Once trained, a packgoat will stay near camp and follow their human masters on the trail, much as dogs will, without having to be leashed or tethered. 

A healthy and fit packgoat can carry up to 25 percent of its weight (about 50lbs) and walk up to about 12 miles per day depending on its load weight, the terrain, and the animal's conditioning. 


They are generally less expensive to own than other pack animals since they are natural browsing animals and can feed themselves along the way.

Anymore suggestions would be VERY welcome.
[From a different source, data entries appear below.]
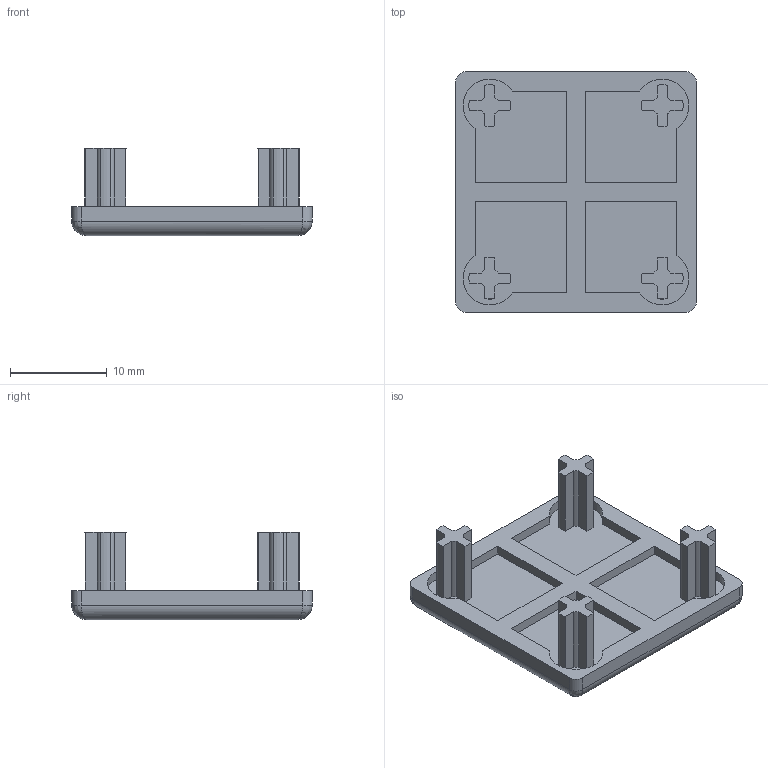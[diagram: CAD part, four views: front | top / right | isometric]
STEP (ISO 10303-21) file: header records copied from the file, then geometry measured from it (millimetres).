
FILE_DESCRIPTION( ( 'STEP AP214' ), '1' );
FILE_NAME( 'C:/Users/Segreteria/Desktop/CA.ADK.X.2525.stp', '2014-07-02T09:03:35', ( ' ' ), ( ' ' ), 'XStep 1.0', ' ', ' ' );
FILE_SCHEMA( ( 'CONFIG_CONTROL_DESIGN) ( )' ) );
Length unit declared in the file: metre
Products named in the file (1): MFI-034
Bounding box: 24.8 x 24.8 x 9 mm (x, y, z)
Volume: 1631.4 mm3; surface area: 2062 mm2
Topology: 1 solids, 1 shells, 110 faces, 292 edges, 188 vertices
Faces by surface type: plane 62, cylinder 44, bspline 4
Entity records: 4514 total; most frequent: CARTESIAN_POINT 861, ORIENTED_EDGE 576, DIRECTION 574, EDGE_CURVE 288, LINE 200, VECTOR 200, VERTEX_POINT 188, AXIS2_PLACEMENT_3D 187
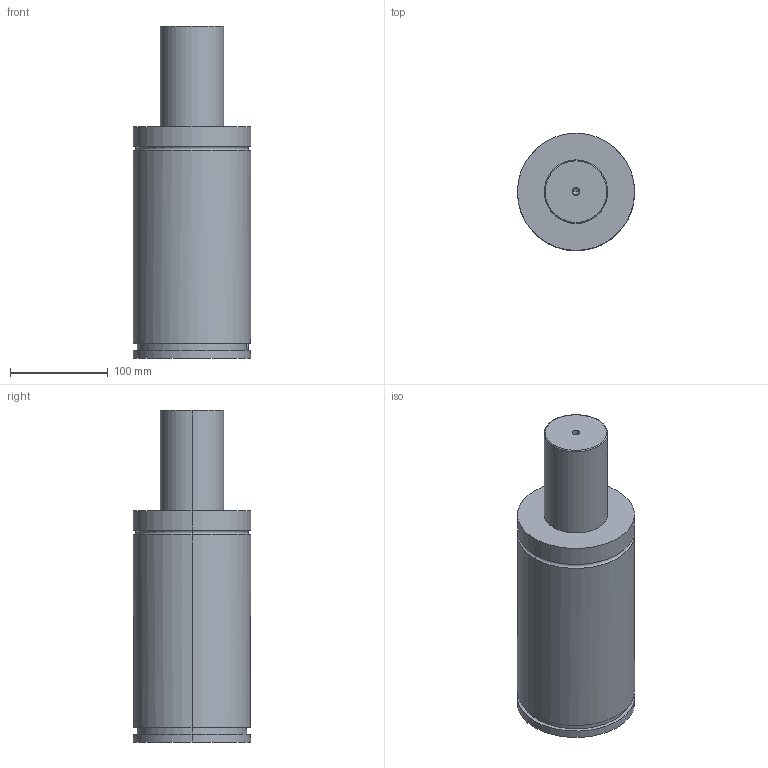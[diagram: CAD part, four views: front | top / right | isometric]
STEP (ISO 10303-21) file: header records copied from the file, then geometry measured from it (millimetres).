
FILE_DESCRIPTION(/* description */ (''),/* implementation_level */ '2;1');
FILE_NAME(/* name */ '3d_gse120-100_03865_r00.stp',/* time_stamp */ '2011-01-10T14:15:21+09:00',/* author */ ('MISUMI'),/* organization */ (''),/* preprocessor_version */ 'ST-DEVELOPER v11',/* originating_system */ 'UGS - NX 5.0',/* authorisation */ '');
FILE_SCHEMA (('CONFIG_CONTROL_DESIGN'));
Length unit declared in the file: millimetre
Products named in the file (1): 3d_gse120-100_03865_r00
Bounding box: 120 x 120 x 340 mm (x, y, z)
Volume: 3000721.2 mm3; surface area: 139936.2 mm2
Topology: 1 solids, 1 shells, 75 faces, 161 edges, 103 vertices
Faces by surface type: cylinder 34, plane 27, cone 10, torus 4
Entity records: 2145 total; most frequent: DIRECTION 393, CARTESIAN_POINT 360, ORIENTED_EDGE 318, AXIS2_PLACEMENT_3D 164, EDGE_CURVE 159, VERTEX_POINT 103, EDGE_LOOP 92, CIRCLE 88

I have to get the draft to the sign maker by Wednesday.


----------



## Bob Jones (Aug 21, 2009)

Mt 16:4 A wicked and adulterous generation seeketh after a sign; ;-)

Goats can climb where burros and horses can't.

They can be loaded in a minivan, or self -load in a truck without ramps.

Each goat has his own personality, but when raised from birth and socialized with people, dogs, and horses are usually gregarious though perhaps not as cuddly as a kitten.

Goats have four stomachs, so they eat the same stuff four times.

They can go three days without water, or obtain water by eating green browse.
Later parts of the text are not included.